WHAT TO DO :: Skip the pictures, please, and write out exactly the lines from the opening of the data through the line containing "import ezdxf".
□ □ □ □ □
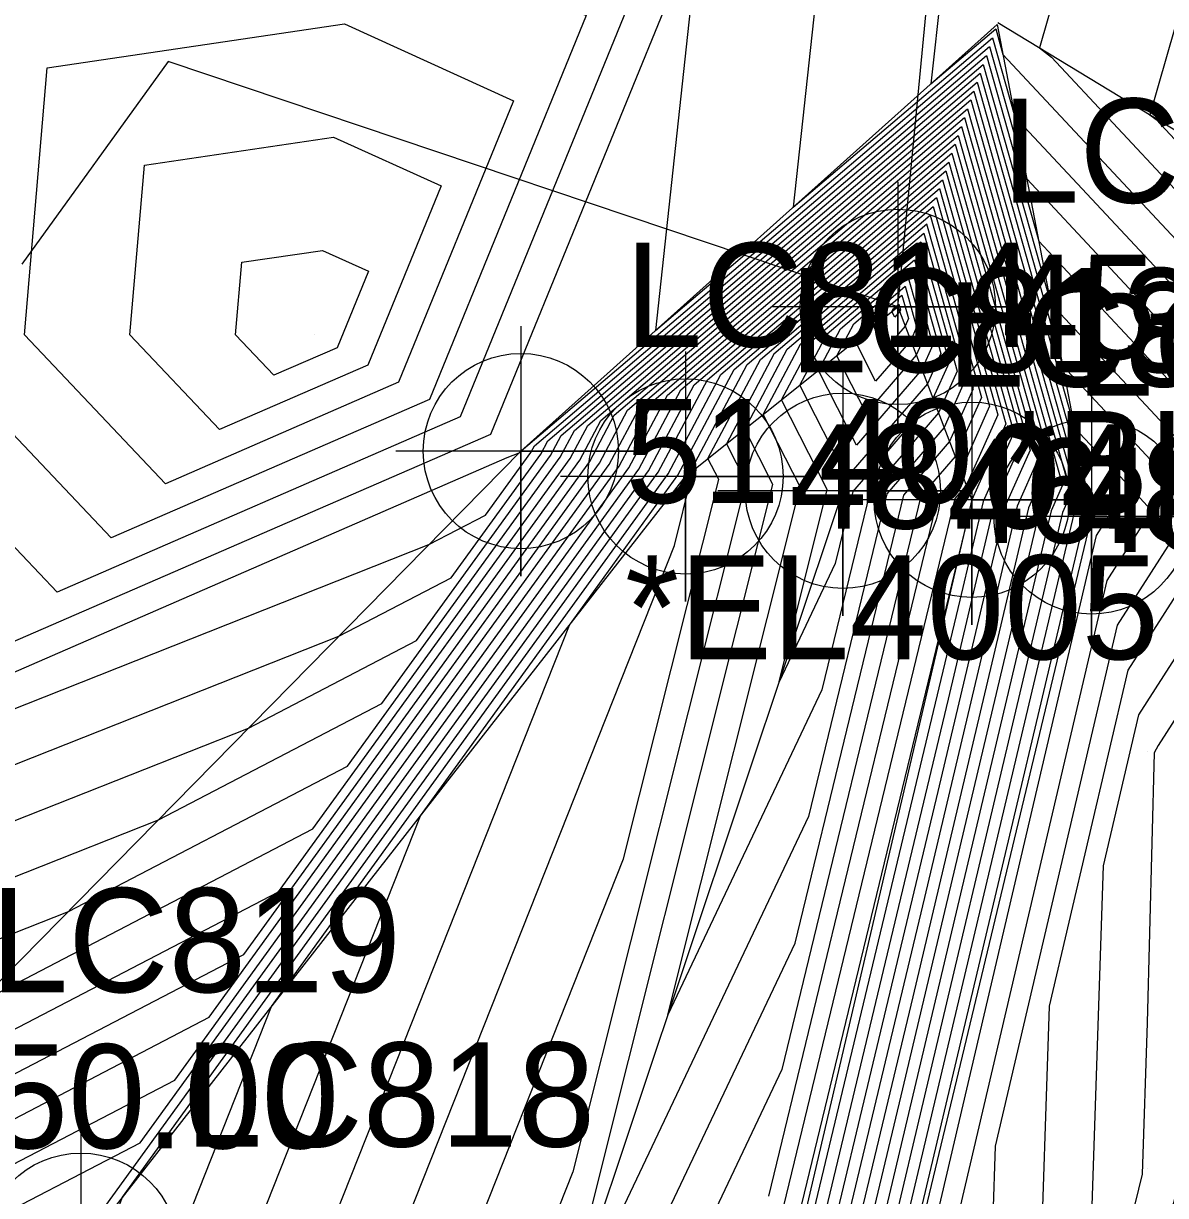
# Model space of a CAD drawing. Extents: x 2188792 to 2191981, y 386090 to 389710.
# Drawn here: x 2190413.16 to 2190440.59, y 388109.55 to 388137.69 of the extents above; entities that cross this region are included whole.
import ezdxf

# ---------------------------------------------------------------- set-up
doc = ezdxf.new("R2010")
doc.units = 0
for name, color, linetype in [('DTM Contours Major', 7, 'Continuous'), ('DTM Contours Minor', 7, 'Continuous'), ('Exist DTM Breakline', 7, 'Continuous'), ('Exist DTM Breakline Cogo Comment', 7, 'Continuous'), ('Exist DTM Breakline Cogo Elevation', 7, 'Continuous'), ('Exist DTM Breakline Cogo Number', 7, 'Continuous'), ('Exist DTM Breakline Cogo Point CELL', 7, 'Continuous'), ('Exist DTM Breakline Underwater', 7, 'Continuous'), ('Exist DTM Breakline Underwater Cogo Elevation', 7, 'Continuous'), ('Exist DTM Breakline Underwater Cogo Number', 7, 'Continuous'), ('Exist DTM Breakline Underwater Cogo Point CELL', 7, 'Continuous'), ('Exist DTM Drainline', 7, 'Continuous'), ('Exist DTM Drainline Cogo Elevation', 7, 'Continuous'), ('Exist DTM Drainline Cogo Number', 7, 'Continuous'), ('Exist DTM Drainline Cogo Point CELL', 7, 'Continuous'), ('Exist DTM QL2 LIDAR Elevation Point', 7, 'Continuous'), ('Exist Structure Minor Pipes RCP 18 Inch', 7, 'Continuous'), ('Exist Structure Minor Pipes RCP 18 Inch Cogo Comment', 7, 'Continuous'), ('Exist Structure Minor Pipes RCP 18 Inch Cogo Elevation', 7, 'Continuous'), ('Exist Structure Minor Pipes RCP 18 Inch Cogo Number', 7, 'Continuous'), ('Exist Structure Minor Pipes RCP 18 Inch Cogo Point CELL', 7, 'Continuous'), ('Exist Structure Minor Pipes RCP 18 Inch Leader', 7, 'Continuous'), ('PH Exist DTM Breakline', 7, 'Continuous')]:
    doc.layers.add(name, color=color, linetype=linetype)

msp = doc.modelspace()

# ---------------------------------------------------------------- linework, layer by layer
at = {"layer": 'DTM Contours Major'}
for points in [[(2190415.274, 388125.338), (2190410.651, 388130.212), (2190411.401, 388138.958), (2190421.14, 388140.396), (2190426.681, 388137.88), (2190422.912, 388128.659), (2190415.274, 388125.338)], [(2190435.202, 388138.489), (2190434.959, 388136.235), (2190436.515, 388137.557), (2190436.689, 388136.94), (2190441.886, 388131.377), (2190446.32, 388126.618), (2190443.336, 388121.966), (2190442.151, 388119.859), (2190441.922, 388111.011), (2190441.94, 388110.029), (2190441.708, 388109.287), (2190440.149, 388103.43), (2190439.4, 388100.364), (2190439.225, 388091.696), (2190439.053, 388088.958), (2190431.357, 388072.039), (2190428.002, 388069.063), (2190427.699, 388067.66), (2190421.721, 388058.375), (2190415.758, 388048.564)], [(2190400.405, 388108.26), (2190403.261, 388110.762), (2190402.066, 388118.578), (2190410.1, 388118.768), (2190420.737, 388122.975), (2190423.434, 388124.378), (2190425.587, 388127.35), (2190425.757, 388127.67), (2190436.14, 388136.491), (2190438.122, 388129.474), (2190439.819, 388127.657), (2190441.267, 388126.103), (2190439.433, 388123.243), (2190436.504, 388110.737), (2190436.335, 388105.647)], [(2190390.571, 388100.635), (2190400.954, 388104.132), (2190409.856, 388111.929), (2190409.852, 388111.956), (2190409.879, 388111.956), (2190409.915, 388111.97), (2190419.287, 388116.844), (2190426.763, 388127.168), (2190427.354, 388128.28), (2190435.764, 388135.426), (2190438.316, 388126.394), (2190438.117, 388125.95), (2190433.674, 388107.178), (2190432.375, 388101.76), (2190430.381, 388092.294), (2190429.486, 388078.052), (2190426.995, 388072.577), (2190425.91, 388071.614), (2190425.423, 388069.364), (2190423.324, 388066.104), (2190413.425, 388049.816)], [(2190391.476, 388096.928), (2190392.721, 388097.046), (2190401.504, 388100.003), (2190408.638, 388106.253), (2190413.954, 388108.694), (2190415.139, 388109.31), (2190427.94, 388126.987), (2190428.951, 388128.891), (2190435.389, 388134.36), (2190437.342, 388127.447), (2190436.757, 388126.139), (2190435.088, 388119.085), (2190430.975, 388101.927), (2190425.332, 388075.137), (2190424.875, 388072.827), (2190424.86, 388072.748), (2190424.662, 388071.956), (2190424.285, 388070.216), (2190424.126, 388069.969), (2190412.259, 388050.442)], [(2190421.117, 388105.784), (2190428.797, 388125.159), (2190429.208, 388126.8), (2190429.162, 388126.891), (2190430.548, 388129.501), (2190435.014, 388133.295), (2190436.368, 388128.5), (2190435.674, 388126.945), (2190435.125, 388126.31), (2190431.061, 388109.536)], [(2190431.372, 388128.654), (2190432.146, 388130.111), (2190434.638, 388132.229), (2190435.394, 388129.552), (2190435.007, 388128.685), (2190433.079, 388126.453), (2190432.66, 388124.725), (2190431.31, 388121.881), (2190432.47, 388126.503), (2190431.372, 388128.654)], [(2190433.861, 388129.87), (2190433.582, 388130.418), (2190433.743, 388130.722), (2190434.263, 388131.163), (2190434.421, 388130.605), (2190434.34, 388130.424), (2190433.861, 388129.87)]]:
□ □ □ □ □
ANSWER FOR THIS EXERCISE ::
# Model space of a CAD drawing. Extents: x 2188792 to 2191981, y 386090 to 389710.
# Drawn here: x 2190413.16 to 2190440.59, y 388109.55 to 388137.69 of the extents above; entities that cross this region are included whole.
import ezdxf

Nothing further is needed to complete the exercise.